Figure 2

Overall system architecture and the execution flow of minimap2-fpga (a) Architecture of the CPU-FPGA heterogeneous system running minimap2-fpga. The multi-core CPU (Core 1, ..., Y), within the host, handles software executions, while the FPGA, within the device, hosts multiple hardware kernels (Kernel 1, ..., N) designed for hardware-accelerated chaining. They are connected via PCI Express for host-device communication. (b) Overall execution flow of hardware-software integrated minimap2-fpga. Multiple threads (upto Y) are launched by the CPU when minimap2-fpga starts. When a thread reaches the chaining stage, the chaining task is processed either on FPGA as hardware or on the same CPU thread as software, based on predicted execution and wait times. As a thread (denoted as t) reaches a point requiring the execution of a chaining task, it predicts the time needed for this task to complete on both hardware (\(T_{hardware}\)) and software (\(T_{software}\)).

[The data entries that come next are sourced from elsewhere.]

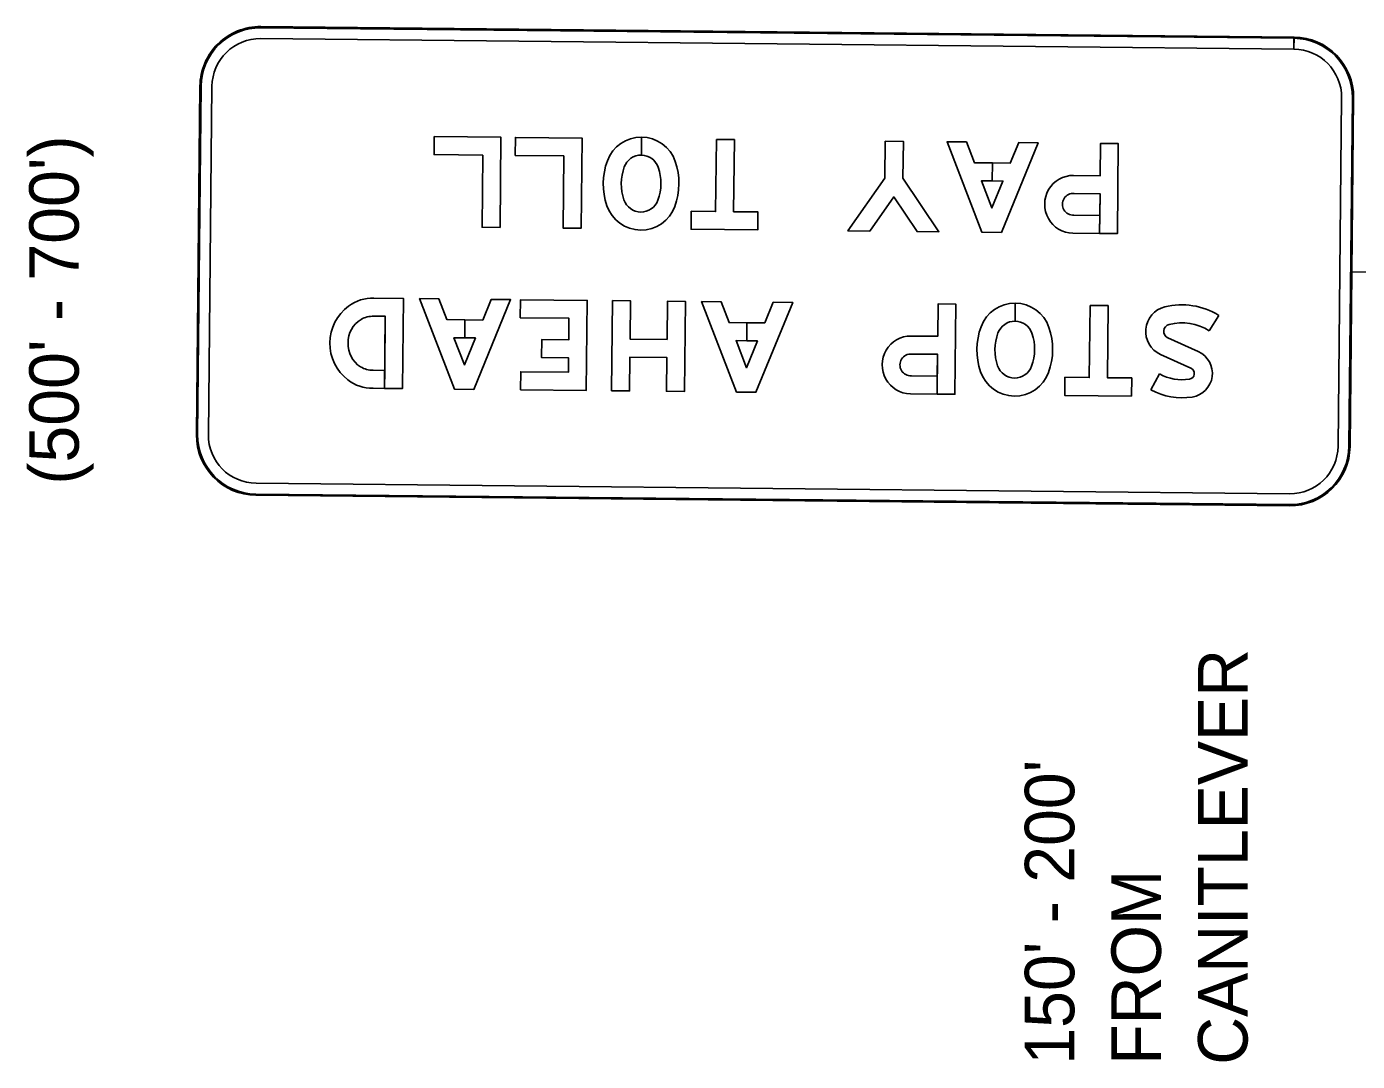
# Model space of a CAD drawing. Extents: x -102643 to -98250, y 54554 to 62384.
# Drawn here: x -102543 to -101620, y 57354 to 58072 of the extents above; entities that cross this region are included whole.
import ezdxf

# ---------------------------------------------------------------- set-up
doc = ezdxf.new("R2010")
doc.units = 0
for name, color, linetype in [('LeaderLine_dp', 7, 'Continuous'), ('SignPanel', 7, 'Continuous'), ('TextLabel', 7, 'Continuous')]:
    doc.layers.add(name, color=color, linetype=linetype)

msp = doc.modelspace()

# ---------------------------------------------------------------- linework, layer by layer
at = {"layer": 'LeaderLine_dp'}
msp.add_line((-101624.05, 57901.32), (-101212.67, 57905.28), dxfattribs=at)
at = {"layer": 'SignPanel'}
for p, q in [((-102380.75, 58070.71), (-101664.08, 58063.43)), ((-101664.14, 58064.26), (-102380.74, 58071.54)), ((-101664.07, 58064.26), (-102380.74, 58071.54)), ((-101664.06, 58064.26), (-102380.74, 58071.54)), ((-102380.82, 58063.21), (-101664.23, 58055.93)), ((-101664.23, 58055.93), (-101664.14, 58064.26)), ((-101664.06, 58064.26), (-101664.15, 58055.93)), ((-101664.08, 58063.43), (-101664.07, 58064.26)), ((-101664.06, 58064.26), (-101664.07, 58063.43)), ((-102422.83, 58030.3), (-102425.28, 57788.59)), ((-102422.83, 58030.3), (-102425.28, 57788.59)), ((-102422.83, 58030.3), (-102425.28, 57788.59)), ((-102424.45, 57788.59), (-102421.99, 58030.29)), ((-102416.95, 57788.51), (-102414.49, 58030.21)), ((-101631.15, 58022.26), (-101633.61, 57780.55)), ((-101623.65, 58022.18), (-101626.11, 57780.48)), ((-101625.27, 57780.47), (-101622.82, 58022.17)), ((-101625.27, 57780.47), (-101622.82, 58022.17)), ((-101625.27, 57780.47), (-101622.82, 58022.17)), ((-102116.59, 57994.92), (-102116.71, 57982.42)), ((-102116.71, 57982.42), (-102116.58, 57994.92)), ((-102116.59, 57994.92), (-102116.71, 57982.42)), ((-102116.71, 57982.42), (-102116.58, 57994.92)), ((-101798.54, 57968.15), (-101817.08, 57968.33)), ((-101798.66, 57955.65), (-101816.57, 57955.83)), ((-102302.19, 57883.21), (-102302.19, 57883.21)), ((-101857.43, 57879.78), (-101857.56, 57867.28)), ((-101857.43, 57879.78), (-101857.56, 57867.28)), ((-101857.55, 57867.28), (-101857.43, 57879.78)), ((-101857.55, 57867.28), (-101857.43, 57879.78)), ((-102302.32, 57870.71), (-102302.32, 57870.71)), ((-102302.32, 57870.71), (-102294.32, 57870.63)), ((-102302.32, 57870.71), (-102294.32, 57870.63)), ((-101722.86, 57860.65), (-101716.26, 57871.26)), ((-101722.86, 57860.65), (-101716.26, 57871.26)), ((-101722.86, 57860.65), (-101716.26, 57871.26)), ((-101911.24, 57856.79), (-101929.78, 57856.97)), ((-101730.49, 57846.14), (-101751.55, 57855.64)), ((-101730.49, 57846.14), (-101751.55, 57855.64)), ((-101730.49, 57846.14), (-101751.55, 57855.64)), ((-101911.36, 57844.29), (-101929.27, 57844.47)), ((-101756.69, 57844.24), (-101735.62, 57834.75)), ((-101756.69, 57844.24), (-101735.62, 57834.75)), ((-101756.69, 57844.24), (-101735.62, 57834.75)), ((-101757.33, 57830.65), (-101763.35, 57819.69)), ((-101757.33, 57830.65), (-101763.35, 57819.69)), ((-101757.33, 57830.65), (-101763.35, 57819.69)), ((-101667.28, 57747.56), (-102383.96, 57754.84)), ((-102384.04, 57746.51), (-101667.36, 57739.23)), ((-102384.04, 57746.51), (-101667.36, 57739.23)), ((-102384.04, 57746.51), (-101667.36, 57739.23)), ((-101667.35, 57740.06), (-102384.03, 57747.34))]:
    msp.add_line(p, q, dxfattribs=at)
for points in [[(-102226.72, 57982.45), (-102260.46, 57982.79), (-102260.34, 57995.29), (-102214.09, 57994.82), (-102214.72, 57932.32), (-102227.22, 57932.45)], [(-102226.72, 57982.45), (-102260.46, 57982.79), (-102260.34, 57995.29), (-102214.09, 57994.82), (-102214.72, 57932.32), (-102227.22, 57932.45)], [(-102226.72, 57982.45), (-102260.46, 57982.79), (-102260.34, 57995.29), (-102214.09, 57994.82), (-102214.72, 57932.32), (-102227.22, 57932.45)], [(-102170.47, 57981.87), (-102204.22, 57982.22), (-102204.09, 57994.72), (-102157.84, 57994.25), (-102158.48, 57931.75), (-102170.98, 57931.88)], [(-102170.47, 57981.87), (-102204.22, 57982.22), (-102204.09, 57994.72), (-102157.84, 57994.25), (-102158.48, 57931.75), (-102170.98, 57931.88)], [(-102170.47, 57981.87), (-102204.22, 57982.22), (-102204.09, 57994.72), (-102157.84, 57994.25), (-102158.48, 57931.75), (-102170.98, 57931.88)], [(-102064.72, 57993.3), (-102052.22, 57993.17), (-102052.73, 57943.18), (-102035.86, 57943.01), (-102035.98, 57930.51), (-102082.23, 57930.98), (-102082.1, 57943.47), (-102065.23, 57943.3)], [(-102064.72, 57993.3), (-102052.22, 57993.17), (-102052.73, 57943.18), (-102035.86, 57943.01), (-102035.98, 57930.51), (-102082.23, 57930.98), (-102082.1, 57943.47), (-102065.23, 57943.3)], [(-102064.72, 57993.3), (-102052.22, 57993.17), (-102052.73, 57943.18), (-102035.86, 57943.01), (-102035.98, 57930.51), (-102082.23, 57930.98), (-102082.1, 57943.47), (-102065.23, 57943.3)], [(-101947.54, 57992.11), (-101935.04, 57991.98), (-101935.3, 57966.36), (-101910.37, 57929.23), (-101925.53, 57929.38), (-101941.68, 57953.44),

If \(T_{software} \le T_{hardware}\), the chaining task is executed on the same thread t as software. If \(T_{hardware} < T_{software}\), minimap2-fpga attempts to schedule the task on one of the N available hardware kernels, taking into account the wait time (\(T_{wait}\)) associated with accessing each hardware kernel. It searches for a kernel where the total processing time on hardware (\(T_{total} = T_{wait} + T_{hardware}\)) is less than \(T_{software}\), and if such a kernel is found, the chaining task is queued into the hardware access queue specific to that kernel (queue i) and later processed on the corresponding hardware kernel (kernel i) once the kernel is ready. If not, the task proceeds as software execution on the same thread t. This prediction-based dynamic hardware scheduling approach optimizes the utilization of smaller number of hardware kernels (N) from a higher number of software threads (upto Y) while ensuring efficient multi-threaded performance.